▶ Assignment
After locating "#78=CARTESIAN_POINT('',(-0.626,11.449,20.879));" in the listing below, copy that line and each one after it exactly, ending with the line that has "#110=CARTESIAN_POINT('',(-9.191,7.109,32.639));".

▶ The data
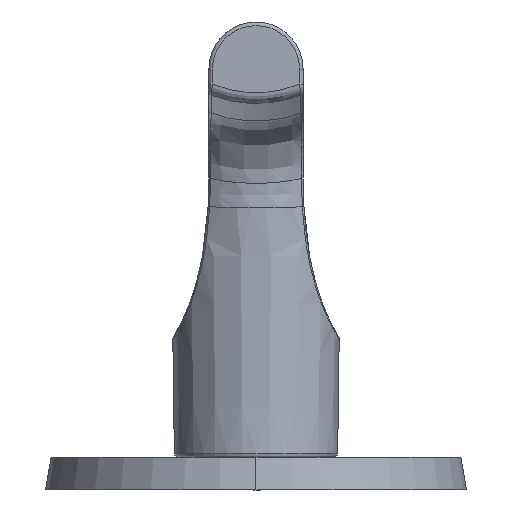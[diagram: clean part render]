
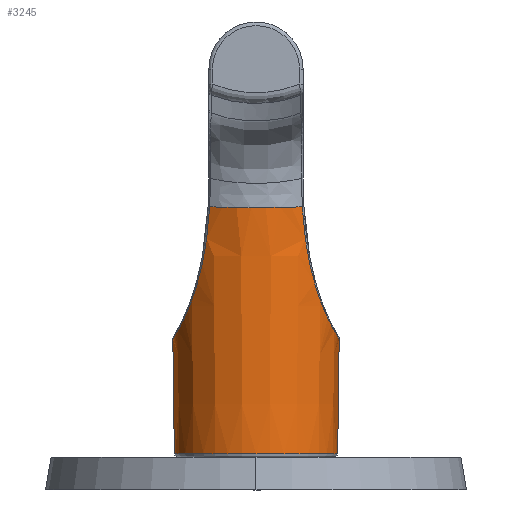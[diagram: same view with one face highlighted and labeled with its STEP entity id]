
A CAD part, left-side view. The second image highlights one B-rep face of the part: STEP entity #3245.
In plain terms, the highlighted conical face has half-angle 0.75 degrees and reference radius 11.479 mm.
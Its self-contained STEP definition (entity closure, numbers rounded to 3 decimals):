
#70=CARTESIAN_POINT('',(0.,0.,4.993));
#71=DIRECTION('',(0.,0.,1.));
#72=DIRECTION('',(0.,1.,0.));
#73=AXIS2_PLACEMENT_3D('',#70,#71,#72);
#75=CARTESIAN_POINT('',(0.,11.464,20.855));
#76=CARTESIAN_POINT('',(-0.104,11.464,20.855));
#77=CARTESIAN_POINT('',(-0.313,11.461,20.859));
#78=CARTESIAN_POINT('',(-0.626,11.449,20.879));
#79=CARTESIAN_POINT('',(-0.939,11.428,20.912));
#80=CARTESIAN_POINT('',(-1.252,11.398,20.958));
#81=CARTESIAN_POINT('',(-1.563,11.361,21.017));
#82=CARTESIAN_POINT('',(-1.873,11.315,21.091));
#83=CARTESIAN_POINT('',(-2.182,11.26,21.178));
#84=CARTESIAN_POINT('',(-2.49,11.198,21.28));
#85=CARTESIAN_POINT('',(-2.796,11.127,21.396));
#86=CARTESIAN_POINT('',(-3.1,11.048,21.528));
#87=CARTESIAN_POINT('',(-3.402,10.96,21.675));
#88=CARTESIAN_POINT('',(-3.702,10.865,21.838));
#89=CARTESIAN_POINT('',(-3.999,10.762,22.019));
#90=CARTESIAN_POINT('',(-4.294,10.65,22.217));
#91=CARTESIAN_POINT('',(-4.586,10.531,22.434));
#92=CARTESIAN_POINT('',(-4.875,10.404,22.671));
#93=CARTESIAN_POINT('',(-5.161,10.269,22.929));
#94=CARTESIAN_POINT('',(-5.443,10.126,23.209));
#95=CARTESIAN_POINT('',(-5.722,9.976,23.512));
#96=CARTESIAN_POINT('',(-5.996,9.818,23.842));
#97=CARTESIAN_POINT('',(-6.267,9.654,24.198));
#98=CARTESIAN_POINT('',(-6.533,9.482,24.584));
#99=CARTESIAN_POINT('',(-6.794,9.303,25.002));
#100=CARTESIAN_POINT('',(-7.049,9.119,25.454));
#101=CARTESIAN_POINT('',(-7.3,8.928,25.943));
#102=CARTESIAN_POINT('',(-7.543,8.732,26.472));
#103=CARTESIAN_POINT('',(-7.78,8.531,27.045));
#104=CARTESIAN_POINT('',(-8.01,8.327,27.666));
#105=CARTESIAN_POINT('',(-8.232,8.121,28.338));
#106=CARTESIAN_POINT('',(-8.444,7.913,29.066));
#107=CARTESIAN_POINT('',(-8.648,7.706,29.855));
#108=CARTESIAN_POINT('',(-8.84,7.501,30.71));
#109=CARTESIAN_POINT('',(-9.022,7.301,31.637));
#110=CARTESIAN_POINT('',(-9.191,7.109,32.639));
#111=CARTESIAN_POINT('',(-9.347,6.926,33.724));
#112=CARTESIAN_POINT('',(-9.488,6.758,34.897));
#113=CARTESIAN_POINT('',(-9.613,6.607,36.16));
#114=CARTESIAN_POINT('',(-9.723,6.477,37.524));
#115=CARTESIAN_POINT('',(-9.784,6.408,38.514));
#116=CARTESIAN_POINT('',(-9.811,6.378,39.028));
#118=CARTESIAN_POINT('',(-9.811,6.378,39.028));
#119=CARTESIAN_POINT('',(-10.08,5.964,39.014));
#120=CARTESIAN_POINT('',(-10.61,5.023,38.985));
#121=CARTESIAN_POINT('',(-11.22,3.471,38.951));
#122=CARTESIAN_POINT('',(-11.613,1.755,38.93));
#123=CARTESIAN_POINT('',(-11.744,0.,
38.923));
#124=CARTESIAN_POINT('',(-11.613,-1.755,38.93));
#125=CARTESIAN_POINT('',(-11.22,-3.471,38.951));
#126=CARTESIAN_POINT('',(-10.61,-5.023,38.985));
#127=CARTESIAN_POINT('',(-10.08,-5.964,39.014));
#128=CARTESIAN_POINT('',(-9.811,-6.378,39.028));
#130=DIRECTION('',(0.,0.013,1.));
#131=VECTOR('',#130,15.863);
#132=CARTESIAN_POINT('',(0.,11.256,4.993));
#133=LINE('',#132,#131);
#202=DIRECTION('',(0.,-0.013,1.));
#203=VECTOR('',#202,15.863);
#204=CARTESIAN_POINT('',(0.,-11.256,4.993));
#205=LINE('',#204,#203);
#271=CARTESIAN_POINT('',(0.,-11.464,
20.855));
#272=CARTESIAN_POINT('',(-0.104,-11.464,
20.855));
#273=CARTESIAN_POINT('',(-0.313,-11.461,
20.859));
#274=CARTESIAN_POINT('',(-0.626,-11.449,
20.879));
#275=CARTESIAN_POINT('',(-0.939,-11.428,
20.912));
#276=CARTESIAN_POINT('',(-1.252,-11.398,20.958));
#277=CARTESIAN_POINT('',(-1.563,-11.361,21.017));
#278=CARTESIAN_POINT('',(-1.874,-11.315,21.091));
#279=CARTESIAN_POINT('',(-2.183,-11.26,21.178));
#280=CARTESIAN_POINT('',(-2.491,-11.197,21.28));
#281=CARTESIAN_POINT('',(-2.797,-11.127,21.396));
#282=CARTESIAN_POINT('',(-3.101,-11.047,21.528));
#283=CARTESIAN_POINT('',(-3.403,-10.96,21.675));
#284=CARTESIAN_POINT('',(-3.703,-10.865,21.839));
#285=CARTESIAN_POINT('',(-4.,-10.761,22.019));
#286=CARTESIAN_POINT('',(-4.295,-10.65,22.218));
#287=CARTESIAN_POINT('',(-4.587,-10.531,22.435));
#288=CARTESIAN_POINT('',(-4.876,-10.403,22.672));
#289=CARTESIAN_POINT('',(-5.162,-10.268,22.93));
#290=CARTESIAN_POINT('',(-5.444,-10.126,23.21));
#291=CARTESIAN_POINT('',(-5.723,-9.975,23.514));
#292=CARTESIAN_POINT('',(-5.998,-9.818,23.843));
#293=CARTESIAN_POINT('',(-6.268,-9.653,24.2));
#294=CARTESIAN_POINT('',(-6.534,-9.481,24.587));
#295=CARTESIAN_POINT('',(-6.795,-9.302,25.004));
#296=CARTESIAN_POINT('',(-7.051,-9.117,25.457));
#297=CARTESIAN_POINT('',(-7.301,-8.927,25.946));
#298=CARTESIAN_POINT('',(-7.545,-8.731,26.476));
#299=CARTESIAN_POINT('',(-7.782,-8.53,27.049));
#300=CARTESIAN_POINT('',(-8.012,-8.326,27.671));
#301=CARTESIAN_POINT('',(-8.233,-8.119,28.344));
#302=CARTESIAN_POINT('',(-8.446,-7.912,29.073));
#303=CARTESIAN_POINT('',(-8.649,-7.704,29.862));
#304=CARTESIAN_POINT('',(-8.842,-7.5,30.719));
#305=CARTESIAN_POINT('',(-9.024,-7.299,31.646));
#306=CARTESIAN_POINT('',(-9.193,-7.107,32.65));
#307=CARTESIAN_POINT('',(-9.348,-6.925,33.736));
#308=CARTESIAN_POINT('',(-9.489,-6.756,34.91));
#309=CARTESIAN_POINT('',(-9.615,-6.605,36.176));
#310=CARTESIAN_POINT('',(-9.724,-6.476,37.54));
#311=CARTESIAN_POINT('',(-9.784,-6.407,38.521));
#312=CARTESIAN_POINT('',(-9.811,-6.378,39.028));
#2925=CARTESIAN_POINT('',(0.,-11.256,4.993));
#2926=VERTEX_POINT('',#2925);
#2927=CARTESIAN_POINT('',(0.,11.256,4.993));
#2928=VERTEX_POINT('',#2927);
#2929=VERTEX_POINT('',#75);
#2930=VERTEX_POINT('',#116);
#2931=VERTEX_POINT('',#128);
#2932=VERTEX_POINT('',#271);
#3227=CARTESIAN_POINT('',(0.,0.,22.011));
#3228=DIRECTION('',(0.,0.,1.));
#3229=DIRECTION('',(0.,-1.,0.));
#3230=AXIS2_PLACEMENT_3D('',#3227,#3228,#3229);
#3231=CONICAL_SURFACE('',#3230,11.479,0.75);
#3233=ORIENTED_EDGE('',*,*,#3232,.T.);
#3235=ORIENTED_EDGE('',*,*,#3234,.T.);
#3237=ORIENTED_EDGE('',*,*,#3236,.F.);
#3239=ORIENTED_EDGE('',*,*,#3238,.F.);
#3240=ORIENTED_EDGE('',*,*,#3213,.F.);
#3242=ORIENTED_EDGE('',*,*,#3241,.T.);
#3243=EDGE_LOOP('',(#3233,#3235,#3237,#3239,#3240,#3242));
#3244=FACE_OUTER_BOUND('',#3243,.F.);
#74=CIRCLE('',#73,11.256);
#117=B_SPLINE_CURVE_WITH_KNOTS('',3,(#75,#76,#77,#78,#79,#80,#81,#82,#83,#84,
#85,#86,#87,#88,#89,#90,#91,#92,#93,#94,#95,#96,#97,#98,#99,#100,#101,#102,#103,
#104,#105,#106,#107,#108,#109,#110,#111,#112,#113,#114,#115,#116),.UNSPECIFIED.,
.F.,.F.,(4,1,1,1,1,1,1,1,1,1,1,1,1,1,1,1,1,1,1,1,1,1,1,1,1,1,1,1,1,1,1,1,1,1,1,
1,1,1,1,4),(0.,0.026,0.051,0.077,
0.103,0.128,0.154,0.179,
0.205,0.231,0.256,0.282,
0.308,0.333,0.359,0.385,
0.41,0.436,0.462,0.487,
0.513,0.538,0.564,0.59,
0.615,0.641,0.667,0.692,
0.718,0.744,0.769,0.795,
0.821,0.846,0.872,0.897,
0.923,0.949,0.974,1.),.UNSPECIFIED.);
#129=B_SPLINE_CURVE_WITH_KNOTS('',3,(#118,#119,#120,#121,#122,#123,#124,#125,
#126,#127,#128),.UNSPECIFIED.,.F.,.F.,(4,1,1,1,1,1,1,1,4),(0.,
0.11,0.24,0.37,0.5,
0.63,0.76,0.89,1.),.UNSPECIFIED.);
#313=B_SPLINE_CURVE_WITH_KNOTS('',3,(#271,#272,#273,#274,#275,#276,#277,#278,
#279,#280,#281,#282,#283,#284,#285,#286,#287,#288,#289,#290,#291,#292,#293,#294,
#295,#296,#297,#298,#299,#300,#301,#302,#303,#304,#305,#306,#307,#308,#309,#310,
#311,#312),.UNSPECIFIED.,.F.,.F.,(4,1,1,1,1,1,1,1,1,1,1,1,1,1,1,1,1,1,1,1,1,1,1,
1,1,1,1,1,1,1,1,1,1,1,1,1,1,1,1,4),(0.,0.026,0.051,
0.077,0.103,0.128,0.154,
0.179,0.205,0.231,0.256,
0.282,0.308,0.333,0.359,
0.385,0.41,0.436,0.462,
0.487,0.513,0.538,0.564,
0.59,0.615,0.641,0.667,
0.692,0.718,0.744,0.769,
0.795,0.821,0.846,0.872,
0.897,0.923,0.949,0.974,1.),
.UNSPECIFIED.);
#3213=EDGE_CURVE('',#2928,#2926,#74,.T.);
#3232=EDGE_CURVE('',#2929,#2930,#117,.T.);
#3234=EDGE_CURVE('',#2930,#2931,#129,.T.);
#3236=EDGE_CURVE('',#2932,#2931,#313,.T.);
#3238=EDGE_CURVE('',#2926,#2932,#205,.T.);
#3241=EDGE_CURVE('',#2928,#2929,#133,.T.);
#3245=ADVANCED_FACE('',(#3244),#3231,.T.);

▶ Response box
#78=CARTESIAN_POINT('',(-0.626,11.449,20.879));
#79=CARTESIAN_POINT('',(-0.939,11.428,20.912));
#80=CARTESIAN_POINT('',(-1.252,11.398,20.958));
#81=CARTESIAN_POINT('',(-1.563,11.361,21.017));
#82=CARTESIAN_POINT('',(-1.873,11.315,21.091));
#83=CARTESIAN_POINT('',(-2.182,11.26,21.178));
#84=CARTESIAN_POINT('',(-2.49,11.198,21.28));
#85=CARTESIAN_POINT('',(-2.796,11.127,21.396));
#86=CARTESIAN_POINT('',(-3.1,11.048,21.528));
#87=CARTESIAN_POINT('',(-3.402,10.96,21.675));
#88=CARTESIAN_POINT('',(-3.702,10.865,21.838));
#89=CARTESIAN_POINT('',(-3.999,10.762,22.019));
#90=CARTESIAN_POINT('',(-4.294,10.65,22.217));
#91=CARTESIAN_POINT('',(-4.586,10.531,22.434));
#92=CARTESIAN_POINT('',(-4.875,10.404,22.671));
#93=CARTESIAN_POINT('',(-5.161,10.269,22.929));
#94=CARTESIAN_POINT('',(-5.443,10.126,23.209));
#95=CARTESIAN_POINT('',(-5.722,9.976,23.512));
#96=CARTESIAN_POINT('',(-5.996,9.818,23.842));
#97=CARTESIAN_POINT('',(-6.267,9.654,24.198));
#98=CARTESIAN_POINT('',(-6.533,9.482,24.584));
#99=CARTESIAN_POINT('',(-6.794,9.303,25.002));
#100=CARTESIAN_POINT('',(-7.049,9.119,25.454));
#101=CARTESIAN_POINT('',(-7.3,8.928,25.943));
#102=CARTESIAN_POINT('',(-7.543,8.732,26.472));
#103=CARTESIAN_POINT('',(-7.78,8.531,27.045));
#104=CARTESIAN_POINT('',(-8.01,8.327,27.666));
#105=CARTESIAN_POINT('',(-8.232,8.121,28.338));
#106=CARTESIAN_POINT('',(-8.444,7.913,29.066));
#107=CARTESIAN_POINT('',(-8.648,7.706,29.855));
#108=CARTESIAN_POINT('',(-8.84,7.501,30.71));
#109=CARTESIAN_POINT('',(-9.022,7.301,31.637));
#110=CARTESIAN_POINT('',(-9.191,7.109,32.639));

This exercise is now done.